From: Geliang Tang <tanggeliang@kylinos.cn>
This patch adds a "cgroup/getsockopt" way to inspect the subflows of a
mptcp socket.
mptcp_for_each_stubflow() and other helpers related to list_dentry are
added into progs/mptcp_bpf.h.
Add an extra "cgroup/getsockopt" prog to walk the msk->conn_list and use
bpf_core_cast to cast a pointer to tcp_sock for readonly.
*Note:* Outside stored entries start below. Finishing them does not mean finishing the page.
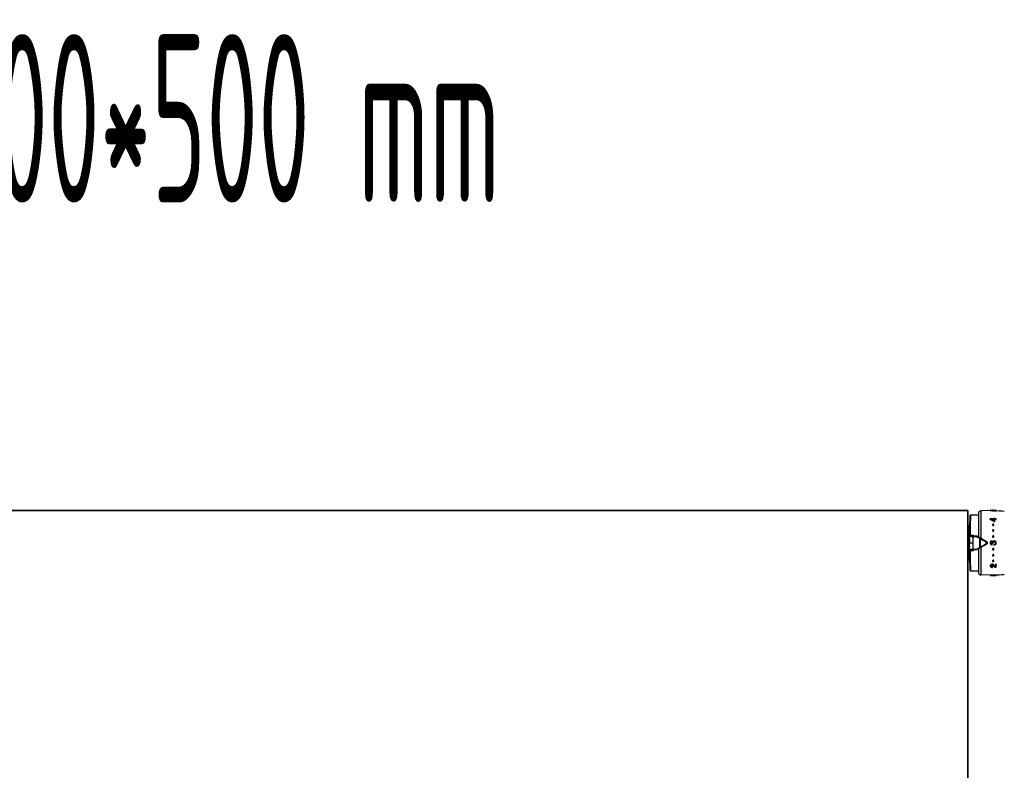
# Model space of a CAD drawing. Header units: millimetres. Extents: x 14365 to 105143, y -126377 to -22383.
# Tile 179 of 191: x 80740 to 81471, y -125820 to -125262. Entities that reach past the tile are written whole.
import ezdxf
from ezdxf.enums import TextEntityAlignment as Align

# ---------------------------------------------------------------- set-up
doc = ezdxf.new("R2010")
doc.units = ezdxf.units.MM
doc.layers.add('JS_VYT_POPIS - OBECNĚ', color=7, linetype='Continuous', lineweight=5)
doc.layers.add('UT_ZAŘÍZENÍ - OT', color=3, linetype='Continuous', lineweight=35)
doc.styles.add('VZT_POPIS', font='isocp.shx', dxfattribs={"width": 0.6, "height": 125})

msp = doc.modelspace()

# ---------------------------------------------------------------- linework, layer by layer
at = {"color": 0, "linetype": 'Continuous'}
for p, q in [((81444.84, -125650.79), (81445.19, -125630.48)), ((81444.98, -125642.86), (81445.19, -125630.73)), ((81445.54, -125639.06), (81445.69, -125629.99)), ((81445.69, -125629.99), (81451.64, -125629.99)), ((81451.64, -125627.76), (81453.14, -125626.89)), ((81451.64, -125646.6), (81451.64, -125627.76)), ((81453.14, -125626.82), (81453.14, -125647.46)), ((81463.01, -125626.99), (81453.14, -125626.82)), ((81460.14, -125626.51), (81460.14, -125626.62)), ((81460.59, -125626.52), (81460.14, -125626.51)), ((81460.14, -125626.82), (81460.14, -125626.62)), ((81460.14, -125626.62), (81460.59, -125626.63)), ((81460.14, -125626.82), (81461.69, -125626.87)), ((81460.59, -125626.59), (81460.59, -125626.52)), ((81461.65, -125626.62), (81460.59, -125626.59)), ((81460.59, -125626.63), (81460.66, -125626.64)), ((81460.66, -125626.64), (81461.95, -125626.68)), ((81461.64, -125626.57), (81461.64, -125626.62)), ((81461.95, -125626.63), (81461.65, -125626.62)), ((81461.69, -125626.87), (81461.95, -125626.88)), ((81461.8, -125626.63), (81461.8, -125626.61)), ((81461.95, -125626.68), (81462.04, -125626.68)), ((81461.95, -125626.88), (81462.46, -125626.9)), ((81462.04, -125626.68), (81462.47, -125626.7)), ((81462.24, -125626.63), (81462.24, -125626.56)), ((81462.46, -125626.9), (81462.47, -125626.7)), ((81462.46, -125626.76), (81462.49, -125626.76)), ((81462.47, -125626.7), (81462.47, -125626.65)), ((81463.07, -125626.57), (81463.2, -125626.57)), ((81463.07, -125626.77), (81463.15, -125626.77)), ((81463.15, -125626.67), (81463.15, -125626.73)), ((81463.15, -125626.93), (81463.15, -125626.73)), ((81463.99, -125626.58), (81463.98, -125626.58)), ((81464, -125626.58), (81463.99, -125626.58)), ((81463.99, -125626.64), (81463.99, -125626.59)), ((81464.64, -125626.83), (81464.64, -125626.63)), ((81443.47, -125638.06), (81444.04, -125638.06)), ((81444.04, -125641.38), (81444.04, -125638.06)), ((81444.54, -125637.96), (81444.54, -125637.97)), ((81460.14, -125632.96), (81460.14, -125633.27)), ((81460.14, -125633.11), (81460.14, -125632.96)), ((81463.14, -125633), (81460.14, -125632.96)), ((81460.14, -125633.41), (81460.14, -125633.27)), ((81460.14, -125633.27), (81460.2, -125633.3)), ((81460.93, -125633.28), (81463.14, -125633.31)), ((81460.98, -125633.31), (81460.93, -125633.28)), ((81461.22, -125633.43), (81463.14, -125633.45)), ((81463.09, -125634.94), (81463.14, -125634.97)), ((81463.14, -125632.59), (81463.14, -125633)), ((81463.14, -125632.74), (81463.14, -125632.59)), ((81463.59, -125632.6), (81463.14, -125632.59)), ((81463.14, -125633.31), (81463.14, -125634.43)), ((81463.14, -125633.45), (81463.14, -125633.31)), ((81463.14, -125633.45), (81463.14, -125634.31)), ((81463.14, -125634.97), (81463.14, -125634.84)), ((81463.14, -125634.84), (81463.59, -125634.85)), ((81463.14, -125634.97), (81463.59, -125634.98)), ((81463.59, -125633), (81463.59, -125632.6)), ((81464.64, -125633.02), (81463.59, -125633)), ((81463.59, -125634.85), (81463.59, -125633.31)), ((81463.59, -125633.31), (81464.64, -125633.33)), ((81463.59, -125633.46), (81464.64, -125633.47)), ((81463.59, -125634.98), (81463.59, -125634.85)), ((81464.64, -125633.33), (81464.64, -125633.02)), ((81464.64, -125633.47), (81464.64, -125633.33)), ((81443.41, -125642.19), (81444.04, -125642.19)), ((81443.42, -125641.38), (81444.04, -125641.38)), ((81444.04, -125648.12), (81444.04, -125642.19)), ((81444.54, -125641.32), (81444.54, -125642.13)), ((81445.42, -125645.79), (81445.43, -125645.07)), ((81446.57, -125645.79), (81445.42, -125645.79)), ((81445.43, -125645.07), (81445.54, -125639.06)), ((81445.43, -125645.07), (81447.84, -125645.07)), ((81447.61, -125646.21), (81447.61, -125645.8)), ((81447.84, -125645.07), (81447.84, -125645.8)), ((81449.71, -125645.79), (81448.68, -125645.79)), ((81449.71, -125646.21), (81449.71, -125645.79)), ((81444.84, -125648.12), (81443.64, -125648.12)), ((81444.84, -125648.4), (81443.64, -125648.4)), ((81444.84, -125651.1), (81443.64, -125651.1)), ((81444.84, -125651.41), (81443.64, -125651.41)), ((81444.84, -125651.64), (81443.64, -125651.64)), ((81444.34, -125651.97), (81443.74, -125652)), ((81444.34, -125652.5), (81443.74, -125652.5)), ((81444.14, -125652.85), (81443.74, -125652.85)), ((81444.04, -125651.98), (81444.04, -125651.64)), ((81444.14, -125653.93), (81444.14, -125652.85)), ((81444.34, -125651.97), (81444.34, -125653.89)), ((81444.64, -125653.2), (81444.64, -125653.29)), ((81444.64, -125653.2), (81444.84, -125653.2)), ((81444.84, -125653.29), (81444.64, -125653.29)), ((81444.84, -125648.12), (81444.84, -125651.64)), ((81445.19, -125671.1), (81444.84, -125650.79)), ((81444.84, -125650.79), (81447.54, -125650.79)), ((81444.84, -125653.2), (81444.84, -125653.44)), ((81444.88, -125653.41), (81444.88, -125653.08)), ((81447.54, -125650.79), (81447.61, -125646.21)), ((81447.61, -125655.38), (81447.54, -125650.79)), ((81449.71, -125646.21), (81447.61, -125646.21)), ((81452.1, -125647.38), (81450.46, -125646.41)), ((81457.79, -125650.15), (81450.71, -125646.06)), ((81450.71, -125655.52), (81457.79, -125651.44)), ((81452.1, -125647.38), (81452.1, -125654.2)), ((81452.62, -125647.64), (81452.62, -125653.95)), ((81457.62, -125651.01), (81457.62, -125650.58)), ((81458.04, -125651), (81458.04, -125650.58)), ((81461.53, -125652.14), (81461.53, -125651.6)), ((81461.85, -125651.1), (81462.3, -125651.1)), ((81462.96, -125651.86), (81462.96, -125652.4)), ((81443.41, -125659.39), (81444.04, -125659.39)), ((81443.42, -125660.21), (81444.04, -125660.21)), ((81444.14, -125656.48), (81443.74, -125656.48)), ((81444.34, -125656.72), (81443.74, -125656.72)), ((81444.04, -125659.39), (81444.04, -125656.72)), ((81444.04, -125663.53), (81444.04, -125660.21)), ((81444.14, -125656.48), (81444.14, -125655.4)), ((81444.34, -125655.36), (81444.34, -125656.72)), ((81444.44, -125653.93), (81444.44, -125654.22)), ((81444.44, -125653.93), (81444.84, -125653.93)), ((81444.89, -125653.99), (81444.44, -125653.99)), ((81444.9, -125654.22), (81444.44, -125654.22)), ((81444.44, -125655.27), (81444.44, -125655.11)), ((81444.44, -125655.11), (81444.91, -125655.11)), ((81444.44, -125655.27), (81444.92, -125655.27)), ((81444.88, -125653.44), (81444.47, -125653.44)), ((81444.54, -125659.45), (81444.54, -125660.27)), ((81444.64, -125653.49), (81444.64, -125653.59)), ((81444.64, -125653.49), (81444.84, -125653.49)), ((81444.84, -125653.59), (81444.64, -125653.59)), ((81444.84, -125655.55), (81444.64, -125655.55)), ((81444.84, -125653.41), (81444.88, -125653.41)), ((81444.84, -125653.49), (81444.84, -125653.93)), ((81444.84, -125653.64), (81444.89, -125653.64)), ((81444.84, -125653.83), (81444.89, -125653.83)), ((81444.84, -125655.27), (81444.84, -125655.55)), ((81445.42, -125655.79), (81446.57, -125655.79)), ((81445.43, -125656.52), (81445.42, -125655.79)), ((81445.43, -125656.52), (81447.84, -125656.52)), ((81445.54, -125662.53), (81445.43, -125656.52)), ((81447.61, -125655.38), (81449.71, -125655.38)), ((81447.61, -125655.38), (81447.61, -125655.79)), ((81447.84, -125655.78), (81447.84, -125656.52)), ((81448.68, -125655.79), (81449.71, -125655.79)), ((81449.71, -125655.38), (81449.71, -125655.79)), ((81450.46, -125655.17), (81452.1, -125654.2)), ((81451.64, -125673.83), (81451.64, -125654.99)), ((81453.14, -125654.12), (81453.14, -125674.77)), ((81443.47, -125663.53), (81444.04, -125663.53)), ((81444.54, -125663.62), (81444.54, -125663.63)), ((81445.09, -125665.41), (81445.08, -125664.55)), ((81445.69, -125671.59), (81445.54, -125662.53)), ((81463.02, -125667.32), (81463.02, -125667.46)), ((81463.04, -125667.37), (81463.02, -125667.32)), ((81463.16, -125667.7), (81463.13, -125667.65)), ((81463.27, -125667.74), (81463.27, -125667.89)), ((81464.64, -125666.63), (81464.19, -125666.64)), ((81464.19, -125666.64), (81464.19, -125666.77)), ((81464.64, -125666.76), (81464.19, -125666.77)), ((81464.19, -125666.77), (81464.19, -125668.46)), ((81464.64, -125666.63), (81464.64, -125666.76)), ((81464.64, -125668.91), (81464.64, -125666.76)), ((81445.69, -125671.59), (81451.64, -125671.59)), ((81451.64, -125673.83), (81453.14, -125674.69)), ((81463.01, -125674.59), (81453.14, -125674.77)), ((81464.64, -125674.78), (81460.14, -125674.86)), ((81460.14, -125674.86), (81460.14, -125675.06)), ((81460.14, -125674.87), (81460.14, -125675.07)), ((81464.64, -125674.98), (81460.14, -125675.06)), ((81460.14, -125675.06), (81460.14, -125675.07)), ((81461.49, -125675.05), (81460.93, -125675.06)), ((81461.49, -125675.04), (81464.64, -125674.99)), ((81461.49, -125675.05), (81461.49, -125675.04)), ((81461.64, -125668.39), (81461.64, -125668.54)), ((81461.79, -125668.39), (81461.64, -125668.39)), ((81461.79, -125668.54), (81461.64, -125668.54)), ((81461.64, -125668.95), (81461.79, -125668.94)), ((81461.79, -125668.39), (81461.79, -125668.54)), ((81461.79, -125668.94), (81461.79, -125668.54)), ((81464.64, -125674.78), (81464.64, -125674.98)), ((81464.64, -125674.99), (81464.64, -125674.98))]:
    msp.add_line(p, q, dxfattribs=at)
for centre, radius, start, end in [((81445.69, -125630.49), 0.5, 89.99995, 178.99727), ((81461.92, -125639.77), 13.23, 89.44109, 89.86889), ((81461.82, -125649.57), 23.02, 89.16114, 89.43014), ((81461.53, -125668.67), 42.13, 88.99668, 89.15368), ((81462.39, -125631.84), 5.28, 90.80201, 91.62553), ((81462.83, -125621.28), 5.38, 264.4209, 265.22986), ((81462.91, -125620.24), 6.42, 265.23782, 265.99348), ((81461.43, -125716.98), 90, 84.13647, 89), ((81463.32, -125616.64), 10.03, 269.00618, 269.62329), ((81463.37, -125614.19), 12.54, 269.00858, 269.7243), ((81463.45, -125617.03), 9.9, 272.58441, 273.34327), ((81463.45, -125616.9), 9.83, 272.60404, 273.36824), ((81463.79, -125629.15), 2.56, 85.77165, 86.54128), ((81463.84, -125628.38), 1.79, 85.3674, 85.74663), ((81463.37, -125662.31), 35.74, 88.78449, 88.98762), ((81463.52, -125618.15), 8.58, 273.37423, 274.17442), ((81463.52, -125618.3), 8.63, 273.34927, 274.14414), ((81444.04, -125636.55), 1.51, 270.07058, 289.41996), ((81444.04, -125636.54), 1.5, 289.47122, 313.35083), ((81413.12, -125727.61), 105.28, 61.6647, 63.47201), ((81412.85, -125727.23), 105.19, 61.44046, 63.25103), ((81416.22, -125722.21), 99.53, 63.12099, 63.27442), ((81413.31, -125727.9), 105.92, 61.93543, 63.10673), ((81462.22, -125637.46), 0.33, 178.19656, 179.9988), ((81462.4, -125637.2), 0.577, 256.34526, 269.38585), ((81462.39, -125637.31), 0.582, 256.38385, 269.38767), ((81462.4, -125637.21), 0.567, 269.48461, 276.23097), ((81462.39, -125637.32), 0.572, 269.48444, 276.21503), ((81462.39, -125637.31), 0.583, 276.20438, 282.56154), ((81462.4, -125637.2), 0.578, 276.22081, 282.59954), ((81462.55, -125637.47), 0.34, 350.77007, 358.16143), ((81445.42, -125646.29), 0.5, 90.00005, 179.0027), ((81431.01, -125635.09), 19.56, 326.80865, 327.16862), ((81427.05, -125632.55), 24.26, 327.18528, 328.93017), ((81449.71, -125647.79), 2, 60, 90), ((81462.3, -125641.61), 0.417, 180.04404, 188.31485), ((81462.39, -125641.49), 0.515, 269.66483, 277.10359), ((81462.39, -125641.56), 0.519, 269.66461, 277.08605), ((81462.39, -125641.55), 0.533, 277.07982, 284.05154), ((81462.39, -125641.48), 0.529, 277.09797, 284.09301), ((81462.48, -125641.54), 0.415, 357.37319, 359.99637), ((81444.63, -125653), 0.29, 180.04441, 214.05404), ((81444.94, -125648.95), 0.0994, 180.01969, 226.40783), ((81444.94, -125648.94), 0.301, 250.55744, 255.99011), ((81444.94, -125650.56), 0.3, 107.64647, 109.44599), ((81449.71, -125647.69), 1.48, 59.48742, 89.9707), ((81344.54, -125866.75), 244.32, 63.74449, 63.88063), ((81457.54, -125650.58), 0.5, 0, 60), ((81457.54, -125651), 0.5, 300, 0), ((81462.09, -125650.73), 2, 164.80798, 168.16539), ((81461.18, -125650.48), 1.05, 158.33184, 164.78857), ((81461.3, -125650.96), 1.18, 194.6023, 200.52709), ((81461.35, -125650.94), 1.23, 200.54074, 209.44738), ((81461.2, -125650.49), 1.07, 152.15714, 158.3337), ((81461.2, -125650.49), 1.08, 145.97035, 152.15939), ((81461.36, -125650.93), 1.25, 209.4292, 211.63674), ((81461.4, -125650.79), 0.828, 140.87074, 150.30871), ((81461.41, -125650.78), 0.841, 211.88911, 219.07605), ((81461.4, -125650.8), 0.836, 130.17155, 140.86954), ((81461.4, -125650.79), 0.831, 219.0533, 232.02888), ((81461.28, -125650.56), 0.569, 108.74479, 116.15952), ((81461.28, -125650.57), 0.576, 101.60275, 108.74682), ((81461.39, -125650.83), 0.785, 273.22437, 280.43844), ((81459.55, -125650.79), 2.32, 352.48051, 7.18318), ((81462.39, -125646.08), 0.488, 269.85737, 277.70488), ((81462.39, -125646.11), 0.492, 269.85712, 277.68641), ((81462.39, -125646.1), 0.509, 277.6834, 285.011), ((81463.26, -125650.95), 0.97, 138.95573, 147.53873), ((81462.39, -125646.07), 0.505, 277.70254, 285.05443), ((81463.26, -125650.94), 0.963, 129.98808, 138.92429), ((81462.42, -125646.08), 0.471, 354.81541, 359.98513), ((81463.08, -125650.77), 1.1, 263.8642, 270.12595), ((81463.08, -125650.76), 1.64, 265.8993, 310.20577), ((81463.25, -125650.9), 0.927, 100.78373, 106.92072), ((81463.24, -125650.86), 0.878, 93.89514, 100.73786), ((81463.08, -125650.75), 1.12, 312.77559, 319.01429), ((81463.25, -125650.9), 0.893, 319.04698, 325.88598), ((81461.98, -125650.79), 2.66, 352.61699, 5.79637), ((81444.43, -125655.36), 0.0882, 171.33922, 179.96309), ((81445.42, -125655.29), 0.5, 181, 270), ((81430.67, -125666.72), 19.97, 32.83509, 33.1877), ((81427.13, -125668.99), 24.17, 31.0665, 32.81806), ((81449.71, -125653.9), 1.48, 270.02931, 300.51257), ((81449.71, -125653.79), 2, 270, 300), ((81344.54, -125434.83), 244.32, 296.11937, 296.25551), ((81462.37, -125655.51), 0.481, 185.08469, 187.79003), ((81462.39, -125655.49), 0.51, 98.02694, 105.33939), ((81462.4, -125655.52), 0.507, 98.04608, 105.38273), ((81462.39, -125660.04), 0.537, 97.79544, 104.73665), ((81462.4, -125660.11), 0.533, 97.81357, 104.77792), ((81462.39, -125655.47), 0.493, 90.20682, 98.03026), ((81462.39, -125655.5), 0.489, 90.20709, 98.04874), ((81462.39, -125660.02), 0.52, 90.39229, 97.80224), ((81462.39, -125660.09), 0.516, 90.39253, 97.81976), ((81444.04, -125665.04), 1.51, 70.58004, 89.92942), ((81444.04, -125665.04), 1.5, 46.64917, 70.52878), ((81461.2, -125667.92), 0.458, 173.03308, 181.39547), ((81461.66, -125668.65), 1.98, 90.6662, 95.25488), ((81461.66, -125668.62), 1.95, 86.31776, 90.65223), ((81462.22, -125664.12), 0.33, 180.0012, 181.80344), ((81462.39, -125664.29), 0.588, 97.26681, 103.58577), ((81462.4, -125664.39), 0.584, 97.28322, 103.6235), ((81462.39, -125664.27), 0.574, 90.56165, 97.27806), ((81462.4, -125664.37), 0.569, 90.56184, 97.29397), ((81462.39, -125664.26), 0.563, 89.57233, 90.53635), ((81462.4, -125664.38), 0.574, 77.3795, 90.47236), ((81462.39, -125664.28), 0.579, 77.42334, 89.52385), ((81500.95, -125644.68), 44.81, 210.82705, 211.4577), ((81462.55, -125664.11), 0.34, 1.83857, 9.22993), ((81462.06, -125668.05), 1.13, 37.30427, 43.3274), ((81462.15, -125667.97), 1.01, 30.66525, 37.31087), ((81503.41, -125643.57), 46.93, 210.59685, 210.86768), ((81502.56, -125643.74), 46.05, 210.8741, 211.14789), ((81501.21, -125644.56), 44.47, 211.14786, 211.42912), ((81501.69, -125644.6), 44.92, 210.9365, 211.21663), ((81464.06, -125667.26), 0.927, 211.49104, 218.28511), ((81464.14, -125667.2), 1.03, 218.28539, 224.50117), ((81445.69, -125671.09), 0.5, 181, 270), ((81461.43, -125584.61), 90, 271, 275.86353), ((81464.58, -125666.59), 1.91, 254.23814, 258.37107)]:
    msp.add_arc(centre, radius, start, end, dxfattribs=at)
for centre, major_axis, ratio, start_param, end_param in [((81444.14, -125652.62), (0, -0.235), 0.85043, 0, 1.570796), ((81444.14, -125656.64), (-0.2, 0), 0.785695, 3.141593, 4.712389)]:
    msp.add_ellipse(centre, major_axis=major_axis, ratio=ratio, start_param=start_param, end_param=end_param, dxfattribs=at)
for points, knots in [([(81461.69, -125626.55), (81461.68, -125626.56), (81461.66, -125626.56), (81461.65, -125626.56), (81461.64, -125626.57), (81461.64, -125626.57)], [0, 0, 0, 0, 0.708486, 0.898996, 1, 1, 1, 1]), ([(81461.64, -125626.57), (81461.64, -125626.57), (81461.66, -125626.58), (81461.69, -125626.59), (81461.74, -125626.6), (81461.78, -125626.61), (81461.8, -125626.61)], [0, 0, 0, 0, 0.080473, 0.272652, 0.58028, 1, 1, 1, 1]), ([(81461.79, -125626.55), (81461.78, -125626.55), (81461.75, -125626.55), (81461.71, -125626.55), (81461.69, -125626.55)], [0, 0, 0, 0, 0.312325, 1, 1, 1, 1]), ([(81461.95, -125626.55), (81461.93, -125626.55), (81461.88, -125626.55), (81461.83, -125626.55), (81461.79, -125626.55)], [0, 0, 0, 0, 0.28218, 1, 1, 1, 1]), ([(81461.8, -125626.61), (81461.82, -125626.61), (81461.86, -125626.62), (81461.91, -125626.63), (81461.95, -125626.63)], [0, 0, 0, 0, 0.219199, 1, 1, 1, 1]), ([(81462.04, -125626.59), (81462.04, -125626.58), (81462.05, -125626.58), (81462.06, -125626.58), (81462.06, -125626.58)], [0, 0, 0, 0, 0.306489, 1, 1, 1, 1]), ([(81462.31, -125626.63), (81462.27, -125626.63), (81462.2, -125626.62), (81462.13, -125626.61), (81462.08, -125626.6), (81462.06, -125626.6), (81462.05, -125626.59), (81462.04, -125626.59), (81462.04, -125626.59)], [0, 0, 0, 0, 0.416564, 0.727805, 0.840468, 0.923103, 0.975235, 1, 1, 1, 1]), ([(81462.06, -125626.58), (81462.07, -125626.57), (81462.09, -125626.57), (81462.11, -125626.57), (81462.13, -125626.57)], [0, 0, 0, 0, 0.191517, 1, 1, 1, 1]), ([(81462.13, -125626.57), (81462.14, -125626.57), (81462.18, -125626.57), (81462.21, -125626.56), (81462.24, -125626.56)], [0, 0, 0, 0, 0.216654, 1, 1, 1, 1]), ([(81462.32, -125626.56), (81462.33, -125626.56), (81462.39, -125626.56), (81462.45, -125626.56), (81462.5, -125626.56)], [0, 0, 0, 0, 0.229978, 1, 1, 1, 1]), ([(81462.49, -125626.76), (81462.54, -125626.76), (81462.73, -125626.76), (81462.93, -125626.76), (81463.07, -125626.77)], [0, 0, 0, 0, 0.228577, 1, 1, 1, 1]), ([(81462.5, -125626.56), (81462.54, -125626.56), (81462.73, -125626.56), (81462.93, -125626.56), (81463.07, -125626.57)], [0, 0, 0, 0, 0.228486, 1, 1, 1, 1]), ([(81463.15, -125626.93), (81463.21, -125626.93), (81463.46, -125626.93), (81463.71, -125626.93), (81463.89, -125626.92)], [0, 0, 0, 0, 0.261104, 1, 1, 1, 1]), ([(81463.2, -125626.57), (81463.34, -125626.57), (81463.59, -125626.58), (81463.83, -125626.58), (81463.94, -125626.59)], [0, 0, 0, 0, 0.5608, 1, 1, 1, 1]), ([(81463.9, -125626.65), (81463.86, -125626.65), (81463.64, -125626.67), (81463.43, -125626.67), (81463.26, -125626.67)], [0, 0, 0, 0, 0.202928, 1, 1, 1, 1]), ([(81463.31, -125626.73), (81463.36, -125626.73), (81463.56, -125626.73), (81463.75, -125626.73), (81463.9, -125626.72)], [0, 0, 0, 0, 0.261385, 1, 1, 1, 1]), ([(81464.1, -125626.62), (81464.1, -125626.62), (81464.09, -125626.62), (81464.08, -125626.63), (81464.04, -125626.63), (81463.98, -125626.64), (81463.93, -125626.65), (81463.9, -125626.65)], [0, 0, 0, 0, 0.026104, 0.078509, 0.271488, 0.580502, 1, 1, 1, 1]), ([(81463.99, -125626.59), (81464, -125626.6), (81464.03, -125626.6), (81464.06, -125626.6), (81464.08, -125626.61), (81464.1, -125626.61), (81464.1, -125626.61)], [0, 0, 0, 0, 0.402142, 0.703286, 0.901798, 1, 1, 1, 1]), ([(81464.1, -125626.61), (81464.1, -125626.61), (81464.1, -125626.61), (81464.1, -125626.61), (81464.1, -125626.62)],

It will allow
to inspect all the fields in a tcp_sock.
Suggested-by: Martin KaFai Lau <martin.lau@kernel.org>
Signed-off-by: Geliang Tang <tanggeliang@kylinos.cn>
---
tools/testing/selftests/bpf/progs/mptcp_bpf.h | 35 +++++++++++
.../selftests/bpf/progs/mptcp_subflow.c | 62 +++++++++++++++++++
2 files changed, 97 insertions(+)
diff --git a/tools/testing/selftests/bpf/progs/mptcp_bpf.h b/tools/testing/selftests/bpf/progs/mptcp_bpf.h
index 782f36ed027e..d60e3c8f85a1 100644
--- a/tools/testing/selftests/bpf/progs/mptcp_bpf.h
+++ b/tools/testing/selftests/bpf/progs/mptcp_bpf.h
@@ -4,9 +4,44 @@
#include <vmlinux.h>
#include <bpf/bpf_core_read.h>
+#include "bpf_experimental.h"
#define MPTCP_SUBFLOWS_MAX 8
+static inline int list_is_head(const struct list_head *list,
+ const struct list_head *head)
+{
+ return list == head;
+}
+
+#define list_entry(ptr, type, member) \
+ container_of(ptr, type, member)
+
+#define list_first_entry(ptr, type, member) \
+ list_entry((ptr)->next, type, member)
+
+#define list_next_entry(pos, member) \
+ list_entry((pos)->member.next, typeof(*(pos)), member)
+
+#define list_entry_is_head(pos, head, member) \
+ list_is_head(&pos->member, (head))
+
+#define list_for_each_entry(pos, head, member) \
+ for (pos = list_first_entry(head, typeof(*pos), member); \
+ cond_break, !list_entry_is_head(pos, head, member); \
+ pos = list_next_entry(pos, member))
+
+#define list_for_each_entry_safe(pos, n, head, member) \
+ for (pos = list_first_entry(head, typeof(*pos), member), \
+ n = list_next_entry(pos, member); \
+ cond_break, !list_entry_is_head(pos, head, member); \
+ pos = n, n = list_next_entry(n, member))
+
+#define mptcp_for_each_subflow(__msk, __subflow) \
+ list_for_each_entry(__subflow, &((__msk)->conn_list), node)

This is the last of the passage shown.